Brief: Nothing but the text should be carried over: reproduce all the data exactly and leave out every image.

[Records from a data collection]
/---

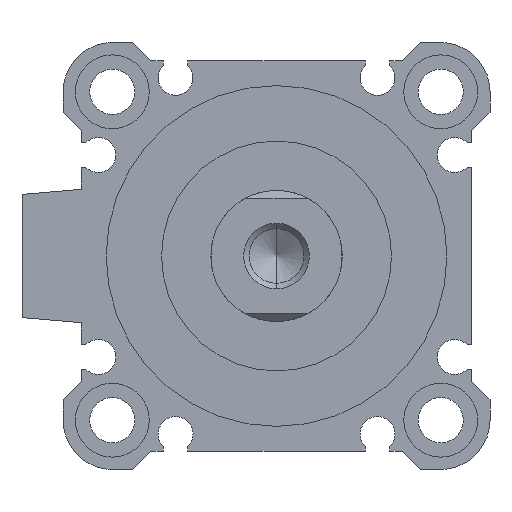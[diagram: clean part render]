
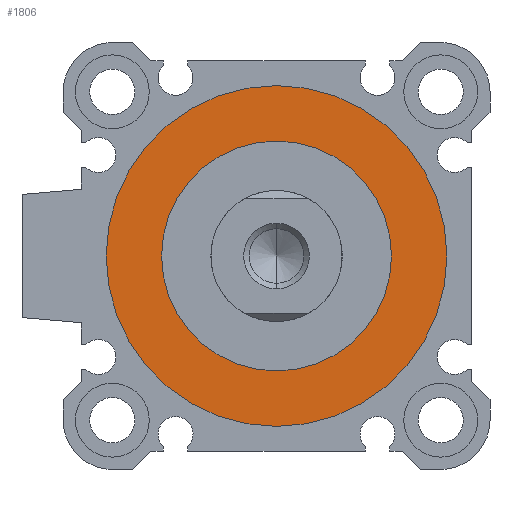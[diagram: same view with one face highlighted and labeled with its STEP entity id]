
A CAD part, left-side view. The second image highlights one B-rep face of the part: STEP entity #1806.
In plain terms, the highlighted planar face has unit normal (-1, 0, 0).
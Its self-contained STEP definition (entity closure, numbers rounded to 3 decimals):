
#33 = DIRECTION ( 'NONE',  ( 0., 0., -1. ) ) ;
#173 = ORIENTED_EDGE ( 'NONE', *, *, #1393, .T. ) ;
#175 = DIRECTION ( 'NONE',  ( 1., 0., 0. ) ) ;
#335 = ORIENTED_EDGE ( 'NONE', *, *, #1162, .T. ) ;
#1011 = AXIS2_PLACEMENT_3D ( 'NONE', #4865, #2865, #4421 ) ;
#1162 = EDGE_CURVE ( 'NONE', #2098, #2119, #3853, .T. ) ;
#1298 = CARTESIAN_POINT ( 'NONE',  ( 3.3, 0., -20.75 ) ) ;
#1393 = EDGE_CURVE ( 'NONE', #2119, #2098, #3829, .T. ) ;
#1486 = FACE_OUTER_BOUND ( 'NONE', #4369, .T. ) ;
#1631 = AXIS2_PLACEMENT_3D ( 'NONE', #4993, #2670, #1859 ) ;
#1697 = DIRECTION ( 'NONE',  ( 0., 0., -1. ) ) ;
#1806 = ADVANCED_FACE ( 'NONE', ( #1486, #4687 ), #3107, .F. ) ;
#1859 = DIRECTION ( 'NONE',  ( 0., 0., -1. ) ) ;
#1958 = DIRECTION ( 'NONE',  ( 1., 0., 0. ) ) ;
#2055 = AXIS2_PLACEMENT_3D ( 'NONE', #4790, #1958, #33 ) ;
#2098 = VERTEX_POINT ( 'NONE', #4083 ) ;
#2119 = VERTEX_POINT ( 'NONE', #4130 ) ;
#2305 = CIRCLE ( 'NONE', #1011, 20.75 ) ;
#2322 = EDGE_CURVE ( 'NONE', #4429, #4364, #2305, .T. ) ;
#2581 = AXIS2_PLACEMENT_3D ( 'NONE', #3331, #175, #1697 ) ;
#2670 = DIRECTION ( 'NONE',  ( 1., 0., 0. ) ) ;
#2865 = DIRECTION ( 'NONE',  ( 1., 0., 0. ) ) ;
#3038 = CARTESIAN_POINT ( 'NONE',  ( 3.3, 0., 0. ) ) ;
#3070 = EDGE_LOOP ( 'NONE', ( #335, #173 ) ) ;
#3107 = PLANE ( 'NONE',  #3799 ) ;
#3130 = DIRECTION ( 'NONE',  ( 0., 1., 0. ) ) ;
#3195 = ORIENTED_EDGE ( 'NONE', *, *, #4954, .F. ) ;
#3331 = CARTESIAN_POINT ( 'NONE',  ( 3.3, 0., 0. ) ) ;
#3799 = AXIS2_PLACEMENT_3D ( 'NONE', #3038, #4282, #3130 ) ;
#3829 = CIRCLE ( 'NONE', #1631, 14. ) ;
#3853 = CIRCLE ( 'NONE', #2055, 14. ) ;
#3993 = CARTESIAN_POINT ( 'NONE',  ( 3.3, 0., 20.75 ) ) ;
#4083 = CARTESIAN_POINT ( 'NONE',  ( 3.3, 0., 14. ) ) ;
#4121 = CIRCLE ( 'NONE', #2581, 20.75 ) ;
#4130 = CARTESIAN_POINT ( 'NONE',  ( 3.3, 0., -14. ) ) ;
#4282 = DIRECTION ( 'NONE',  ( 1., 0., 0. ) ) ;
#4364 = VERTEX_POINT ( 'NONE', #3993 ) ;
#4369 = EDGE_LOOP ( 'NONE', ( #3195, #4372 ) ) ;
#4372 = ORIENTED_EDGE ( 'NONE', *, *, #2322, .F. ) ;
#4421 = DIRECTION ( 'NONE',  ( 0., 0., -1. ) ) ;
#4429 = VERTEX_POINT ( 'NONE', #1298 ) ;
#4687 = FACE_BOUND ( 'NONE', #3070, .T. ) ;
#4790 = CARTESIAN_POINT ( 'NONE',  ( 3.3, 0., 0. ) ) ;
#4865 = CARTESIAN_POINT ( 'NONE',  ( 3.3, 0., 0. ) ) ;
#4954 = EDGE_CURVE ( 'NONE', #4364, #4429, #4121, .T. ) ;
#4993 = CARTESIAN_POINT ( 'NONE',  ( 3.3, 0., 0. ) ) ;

\---

Your response:
[diagram: clean part render]
[diagram: same view with one face highlighted and labeled with its STEP entity id]
A CAD part, left-side view. The second image highlights one B-rep face of the part: STEP entity #1806.
In plain terms, the highlighted planar face has unit normal (-1, 0, 0).
Its self-contained STEP definition (entity closure, numbers rounded to 3 decimals):
#33 = DIRECTION ( 'NONE',  ( 0., 0., -1. ) ) ;
#173 = ORIENTED_EDGE ( 'NONE', *, *, #1393, .T. ) ;
#175 = DIRECTION ( 'NONE',  ( 1., 0., 0. ) ) ;
#335 = ORIENTED_EDGE ( 'NONE', *, *, #1162, .T. ) ;
#1011 = AXIS2_PLACEMENT_3D ( 'NONE', #4865, #2865, #4421 ) ;
#1162 = EDGE_CURVE ( 'NONE', #2098, #2119, #3853, .T. ) ;
#1298 = CARTESIAN_POINT ( 'NONE',  ( 3.3, 0., -20.75 ) ) ;
#1393 = EDGE_CURVE ( 'NONE', #2119, #2098, #3829, .T. ) ;
#1486 = FACE_OUTER_BOUND ( 'NONE', #4369, .T. ) ;
#1631 = AXIS2_PLACEMENT_3D ( 'NONE', #4993, #2670, #1859 ) ;
#1697 = DIRECTION ( 'NONE',  ( 0., 0., -1. ) ) ;
#1806 = ADVANCED_FACE ( 'NONE', ( #1486, #4687 ), #3107, .F. ) ;
#1859 = DIRECTION ( 'NONE',  ( 0., 0., -1. ) ) ;
#1958 = DIRECTION ( 'NONE',  ( 1., 0., 0. ) ) ;
#2055 = AXIS2_PLACEMENT_3D ( 'NONE', #4790, #1958, #33 ) ;
#2098 = VERTEX_POINT ( 'NONE', #4083 ) ;
#2119 = VERTEX_POINT ( 'NONE', #4130 ) ;
#2305 = CIRCLE ( 'NONE', #1011, 20.75 ) ;
#2322 = EDGE_CURVE ( 'NONE', #4429, #4364, #2305, .T. ) ;
#2581 = AXIS2_PLACEMENT_3D ( 'NONE', #3331, #175, #1697 ) ;
#2670 = DIRECTION ( 'NONE',  ( 1., 0., 0. ) ) ;
#2865 = DIRECTION ( 'NONE',  ( 1., 0., 0. ) ) ;
#3038 = CARTESIAN_POINT ( 'NONE',  ( 3.3, 0., 0. ) ) ;
#3070 = EDGE_LOOP ( 'NONE', ( #335, #173 ) ) ;
#3107 = PLANE ( 'NONE',  #3799 ) ;
#3130 = DIRECTION ( 'NONE',  ( 0., 1., 0. ) ) ;
#3195 = ORIENTED_EDGE ( 'NONE', *, *, #4954, .F. ) ;
#3331 = CARTESIAN_POINT ( 'NONE',  ( 3.3, 0., 0. ) ) ;
#3799 = AXIS2_PLACEMENT_3D ( 'NONE', #3038, #4282, #3130 ) ;
#3829 = CIRCLE ( 'NONE', #1631, 14. ) ;
#3853 = CIRCLE ( 'NONE', #2055, 14. ) ;
#3993 = CARTESIAN_POINT ( 'NONE',  ( 3.3, 0., 20.75 ) ) ;
#4083 = CARTESIAN_POINT ( 'NONE',  ( 3.3, 0., 14. ) ) ;
#4121 = CIRCLE ( 'NONE', #2581, 20.75 ) ;
#4130 = CARTESIAN_POINT ( 'NONE',  ( 3.3, 0., -14. ) ) ;
#4282 = DIRECTION ( 'NONE',  ( 1., 0., 0. ) ) ;
#4364 = VERTEX_POINT ( 'NONE', #3993 ) ;
#4369 = EDGE_LOOP ( 'NONE', ( #3195, #4372 ) ) ;
#4372 = ORIENTED_EDGE ( 'NONE', *, *, #2322, .F. ) ;
#4421 = DIRECTION ( 'NONE',  ( 0., 0., -1. ) ) ;
#4429 = VERTEX_POINT ( 'NONE', #1298 ) ;
#4687 = FACE_BOUND ( 'NONE', #3070, .T. ) ;
#4790 = CARTESIAN_POINT ( 'NONE',  ( 3.3, 0., 0. ) ) ;
#4865 = CARTESIAN_POINT ( 'NONE',  ( 3.3, 0., 0. ) ) ;
#4954 = EDGE_CURVE ( 'NONE', #4364, #4429, #4121, .T. ) ;
#4993 = CARTESIAN_POINT ( 'NONE',  ( 3.3, 0., 0. ) ) ;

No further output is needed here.